Sebagaiman peraturan perundangan bahwa pemberi kerja atau alih daya wajib memberikan hak-hak pekerja, yaitu: sisa upah, kompensasi kerja, dan santunan kematian serta selisih upah yang diberikan dibawah UMK.
Isteri almarhum kecewa bahkan janji akan diberikan sisa upah juga tidak diberikan. Kembali pada Senin (2/2/2026) isteri almarhum memberikan surat ke RSMCH karena belum adanya realisasi tindak lanjut, dan tetap tidak ada tanggapan.

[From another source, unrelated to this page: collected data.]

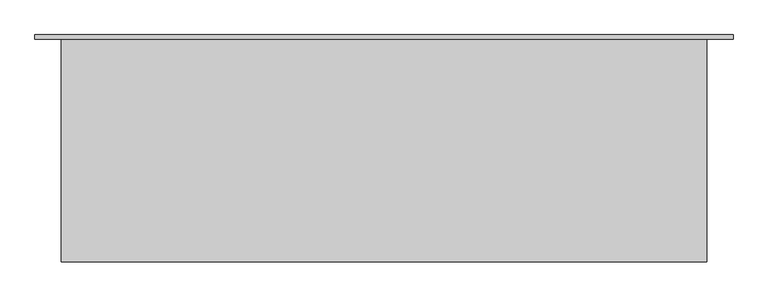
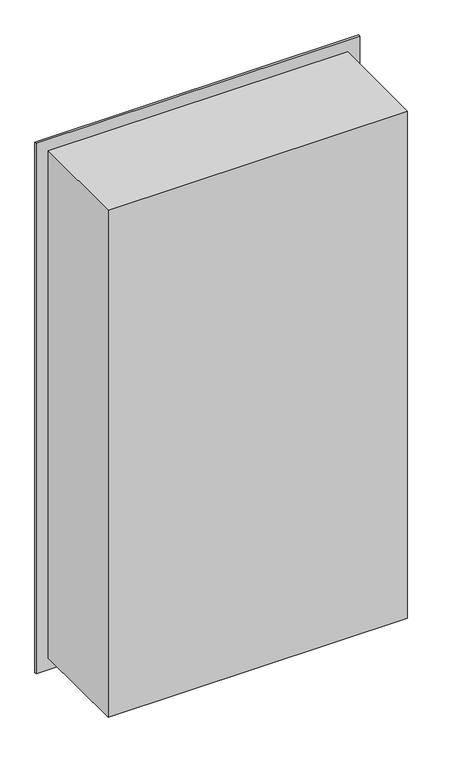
"""IFC4 building model written with IfcOpenShell, lengths in millimetres: proxy geometry, 1500x2700x600 Manway Riser."""

from ifc_helpers import new_model, si_unit, origin, place, context, project, spatial, faceted_brep, source, transform, mapped, element, save


def generic_models_98b37f22(model_context):
    return source(origin(), model_context, "Body", "Brep", [
        faceted_brep([(-758.0, -534.06, 1358.0), (-758.0, -534.06, -1358.0), (758.0, -534.06, -1358.0), (758.0, -534.06, 1358.0), (820.0, 0.0, -1420.0), (-820.0, 0.0, -1420.0), (-820.0, 0.0, 1420.0), (820.0, 0.0, 1420.0), (-758.0, -10.0, -1358.0), (758.0, -10.0, -1358.0), (-820.0, -10.0, -1420.0), (820.0, -10.0, -1420.0), (820.0, -10.0, 1420.0), (-820.0, -10.0, 1420.0), (-758.0, -10.0, 1358.0), (758.0, -10.0, 1358.0)], [[[0, 1, 2, 3]], [[4, 5, 6, 7]], [[2, 1, 8, 9]], [[10, 11, 12, 13], [9, 8, 14, 15]], [[2, 9, 15, 3]], [[3, 15, 14, 0]], [[0, 14, 8, 1]], [[5, 4, 11, 10]], [[6, 5, 10, 13]], [[7, 6, 13, 12]], [[4, 7, 12, 11]]]),
    ])


if __name__ == "__main__":
    model = new_model("IFC4")
    model_context = context("Model", 3, world=origin())
    ifc_project = project(units=[si_unit("LENGTHUNIT", "METRE", prefix="MILLI")], contexts=[model_context])
    site = spatial("IfcSite", under=ifc_project)
    building = spatial("IfcBuilding", under=site)
    placement = place(None, origin())
    generic_models_shape = generic_models_98b37f22(model_context)
    element("IfcBuildingElementProxy", 1, Name="1500x2700x600 Manway Riser", ObjectType="1500x2700x600 Manway Riser", at=placement, inside=building, context=model_context, shape_type="MappedRepresentation", body=[
        mapped(generic_models_shape, transform((0.0, 0.0, 0.0), x_axis=(1.0, 0.0, 0.0), y_axis=(0.0, 1.0, 0.0), z_axis=(0.0, 0.0, 1.0))),
    ])
    save(model, "model.ifc")
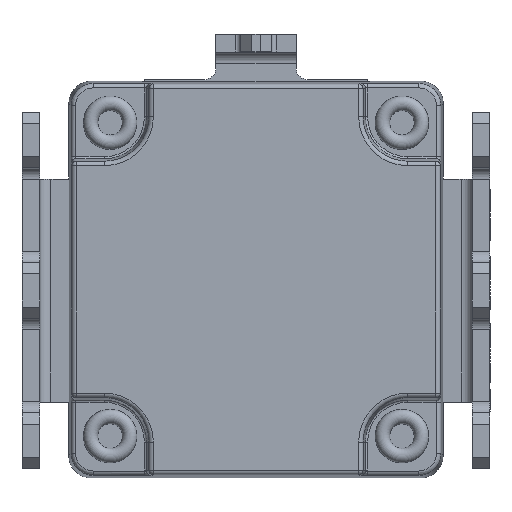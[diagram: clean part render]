
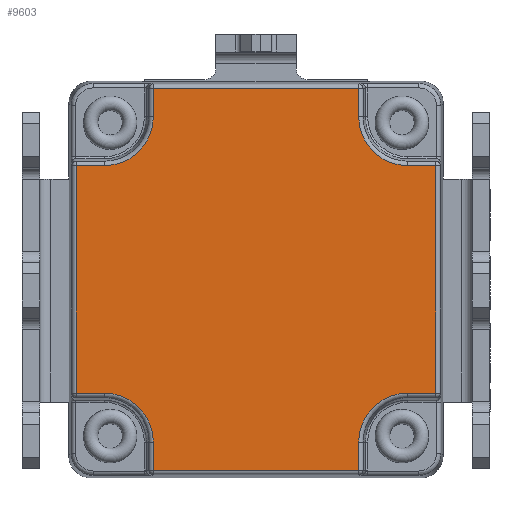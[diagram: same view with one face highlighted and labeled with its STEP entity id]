
A CAD part, top view. The second image highlights one B-rep face of the part: STEP entity #9603.
In plain terms, the highlighted planar face has unit normal (0, 0, 1).
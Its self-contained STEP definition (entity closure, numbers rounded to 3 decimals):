
#384=CIRCLE('',#10216,2.194);
#385=CIRCLE('',#10217,2.194);
#386=CIRCLE('',#10218,2.194);
#387=CIRCLE('',#10219,2.194);
#1896=ORIENTED_EDGE('',*,*,#3208,.T.);
#1897=ORIENTED_EDGE('',*,*,#3209,.T.);
#1898=ORIENTED_EDGE('',*,*,#3210,.T.);
#1899=ORIENTED_EDGE('',*,*,#3204,.T.);
#1900=ORIENTED_EDGE('',*,*,#3180,.T.);
#1901=ORIENTED_EDGE('',*,*,#3173,.T.);
#1902=ORIENTED_EDGE('',*,*,#3211,.T.);
#1903=ORIENTED_EDGE('',*,*,#3212,.T.);
#1904=ORIENTED_EDGE('',*,*,#3213,.T.);
#1905=ORIENTED_EDGE('',*,*,#3214,.T.);
#1906=ORIENTED_EDGE('',*,*,#3215,.T.);
#1907=ORIENTED_EDGE('',*,*,#3162,.T.);
#1908=ORIENTED_EDGE('',*,*,#3141,.T.);
#1909=ORIENTED_EDGE('',*,*,#3134,.T.);
#1910=ORIENTED_EDGE('',*,*,#3216,.T.);
#1911=ORIENTED_EDGE('',*,*,#3217,.T.);
#3134=EDGE_CURVE('',#3750,#3878,#4477,.T.);
#3141=EDGE_CURVE('',#3796,#3750,#4483,.T.);
#3162=EDGE_CURVE('',#3891,#3796,#4501,.T.);
#3173=EDGE_CURVE('',#3810,#3902,#4503,.T.);
#3180=EDGE_CURVE('',#3848,#3810,#4509,.T.);
#3204=EDGE_CURVE('',#3917,#3848,#4529,.T.);
#3208=EDGE_CURVE('',#3874,#3920,#4532,.T.);
#3209=EDGE_CURVE('',#3920,#3921,#4533,.T.);
#3210=EDGE_CURVE('',#3921,#3917,#384,.T.);
#3211=EDGE_CURVE('',#3902,#3922,#385,.T.);
#3212=EDGE_CURVE('',#3922,#3898,#4534,.T.);
#3213=EDGE_CURVE('',#3898,#3893,#4535,.T.);
#3214=EDGE_CURVE('',#3893,#3923,#4536,.T.);
#3215=EDGE_CURVE('',#3923,#3891,#386,.T.);
#3216=EDGE_CURVE('',#3878,#3924,#387,.T.);
#3217=EDGE_CURVE('',#3924,#3874,#4537,.T.);
#3750=VERTEX_POINT('',#13339);
#3796=VERTEX_POINT('',#13583);
#3810=VERTEX_POINT('',#13621);
#3848=VERTEX_POINT('',#13869);
#3874=VERTEX_POINT('',#14096);
#3878=VERTEX_POINT('',#14105);
#3891=VERTEX_POINT('',#14158);
#3893=VERTEX_POINT('',#14164);
#3898=VERTEX_POINT('',#14176);
#3902=VERTEX_POINT('',#14185);
#3917=VERTEX_POINT('',#14244);
#3920=VERTEX_POINT('',#14254);
#3921=VERTEX_POINT('',#14258);
#3922=VERTEX_POINT('',#14261);
#3923=VERTEX_POINT('',#14265);
#3924=VERTEX_POINT('',#14268);
#4477=LINE('',#14106,#5044);
#4483=LINE('',#14120,#5050);
#4501=LINE('',#14161,#5068);
#4503=LINE('',#14186,#5070);
#4509=LINE('',#14200,#5076);
#4529=LINE('',#14247,#5096);
#4532=LINE('',#14255,#5099);
#4533=LINE('',#14257,#5100);
#4534=LINE('',#14262,#5101);
#4535=LINE('',#14263,#5102);
#4536=LINE('',#14264,#5103);
#4537=LINE('',#14269,#5104);
#5044=VECTOR('',#11654,1000.);
#5050=VECTOR('',#11670,1000.);
#5068=VECTOR('',#11712,1000.);
#5070=VECTOR('',#11740,1000.);
#5076=VECTOR('',#11756,1000.);
#5096=VECTOR('',#11804,1000.);
#5099=VECTOR('',#11813,1000.);
#5100=VECTOR('',#11816,1000.);
#5101=VECTOR('',#11821,1000.);
#5102=VECTOR('',#11822,1000.);
#5103=VECTOR('',#11823,1000.);
#5104=VECTOR('',#11828,1000.);
#5499=EDGE_LOOP('',(#1896,#1897,#1898,#1899,#1900,#1901,#1902,#1903,#1904,
#1905,#1906,#1907,#1908,#1909,#1910,#1911));
#6012=FACE_BOUND('',#5499,.T.);
#6358=PLANE('',#10215);
#9603=ADVANCED_FACE('',(#6012),#6358,.F.);
#10215=AXIS2_PLACEMENT_3D('',#14256,#11814,#11815);
#10216=AXIS2_PLACEMENT_3D('',#14259,#11817,#11818);
#10217=AXIS2_PLACEMENT_3D('',#14260,#11819,#11820);
#10218=AXIS2_PLACEMENT_3D('',#14266,#11824,#11825);
#10219=AXIS2_PLACEMENT_3D('',#14267,#11826,#11827);
#11654=DIRECTION('',(1.,0.,0.));
#11670=DIRECTION('',(0.,-1.,0.));
#11712=DIRECTION('',(-1.,0.,0.));
#11740=DIRECTION('',(-1.,0.,0.));
#11756=DIRECTION('',(0.,1.,0.));
#11804=DIRECTION('',(1.,0.,0.));
#11813=DIRECTION('',(1.,0.,0.));
#11814=DIRECTION('',(0.,0.,-1.));
#11815=DIRECTION('',(1.,0.,0.));
#11816=DIRECTION('',(0.,1.,0.));
#11817=DIRECTION('',(0.,0.,-1.));
#11818=DIRECTION('',(-1.,0.,0.));
#11819=DIRECTION('',(0.,0.,-1.));
#11820=DIRECTION('',(0.,-1.,0.));
#11821=DIRECTION('',(0.,1.,0.));
#11822=DIRECTION('',(-1.,0.,0.));
#11823=DIRECTION('',(0.,-1.,0.));
#11824=DIRECTION('',(0.,0.,-1.));
#11825=DIRECTION('',(1.,0.,0.));
#11826=DIRECTION('',(0.,0.,-1.));
#11827=DIRECTION('',(0.,1.,0.));
#11828=DIRECTION('',(0.,-1.,0.));
#13339=CARTESIAN_POINT('',(-8.067,-4.606,4.));
#13583=CARTESIAN_POINT('',(-8.067,5.606,4.));
#13621=CARTESIAN_POINT('',(8.067,5.606,4.));
#13869=CARTESIAN_POINT('',(8.067,-4.606,4.));
#14096=CARTESIAN_POINT('',(-4.606,-8.067,4.));
#14105=CARTESIAN_POINT('',(-6.8,-4.606,4.));
#14106=CARTESIAN_POINT('',(-8.167,-4.606,4.));
#14120=CARTESIAN_POINT('',(-8.067,5.606,4.));
#14158=CARTESIAN_POINT('',(-6.8,5.606,4.));
#14161=CARTESIAN_POINT('',(-6.8,5.606,4.));
#14164=CARTESIAN_POINT('',(-4.606,9.067,4.));
#14176=CARTESIAN_POINT('',(4.606,9.067,4.));
#14185=CARTESIAN_POINT('',(6.8,5.606,4.));
#14186=CARTESIAN_POINT('',(8.067,5.606,4.));
#14200=CARTESIAN_POINT('',(8.067,-4.606,4.));
#14244=CARTESIAN_POINT('',(6.8,-4.606,4.));
#14247=CARTESIAN_POINT('',(6.7,-4.606,4.));
#14254=CARTESIAN_POINT('',(4.606,-8.067,4.));
#14255=CARTESIAN_POINT('',(-4.606,-8.067,4.));
#14256=CARTESIAN_POINT('',(0.,0.5,4.));
#14257=CARTESIAN_POINT('',(4.606,-8.167,4.));
#14258=CARTESIAN_POINT('',(4.606,-6.8,4.));
#14259=CARTESIAN_POINT('',(6.8,-6.8,4.));
#14260=CARTESIAN_POINT('',(6.8,7.8,4.));
#14261=CARTESIAN_POINT('',(4.606,7.8,4.));
#14262=CARTESIAN_POINT('',(4.606,7.7,4.));
#14263=CARTESIAN_POINT('',(4.606,9.067,4.));
#14264=CARTESIAN_POINT('',(-4.606,9.067,4.));
#14265=CARTESIAN_POINT('',(-4.606,7.8,4.));
#14266=CARTESIAN_POINT('',(-6.8,7.8,4.));
#14267=CARTESIAN_POINT('',(-6.8,-6.8,4.));
#14268=CARTESIAN_POINT('',(-4.606,-6.8,4.));
#14269=CARTESIAN_POINT('',(-4.606,-6.8,4.));

Ironisnya lagi selama bekerja 6 tahun almarhum tidak diikutksertakan BPJS, upah diberikan di bawah UMR, tidak diberikan kompensasi kontrak, dan jam kerja 12 jam tanpa uang lembur.
“Saya sangat kecewa, upah sisa sekitar 14 hari kerja saja tidak dibayarkan, padahal sudah dijanjikan, ini pengelapan, keterlaluan”, kesal Heddinar.
Pengamat dan Praktisi Ketenagakerjaan Silaen yang juga kuasa dari isteri almarhum menyatakan: “Menurut UU Cipta Kerja Nomor 6 tahun 2023 dan PP Nomor 35 tahun 2021, pihak pemberi kerja RSMCH tidak bisa lepas tanggungjawab terhadap perlindungan pekerja. Bahkan pemberian upah di bawah UMK saja dapat dipidana 1 – 4 tahun penjara atau denda Rp100 – 400 juta”.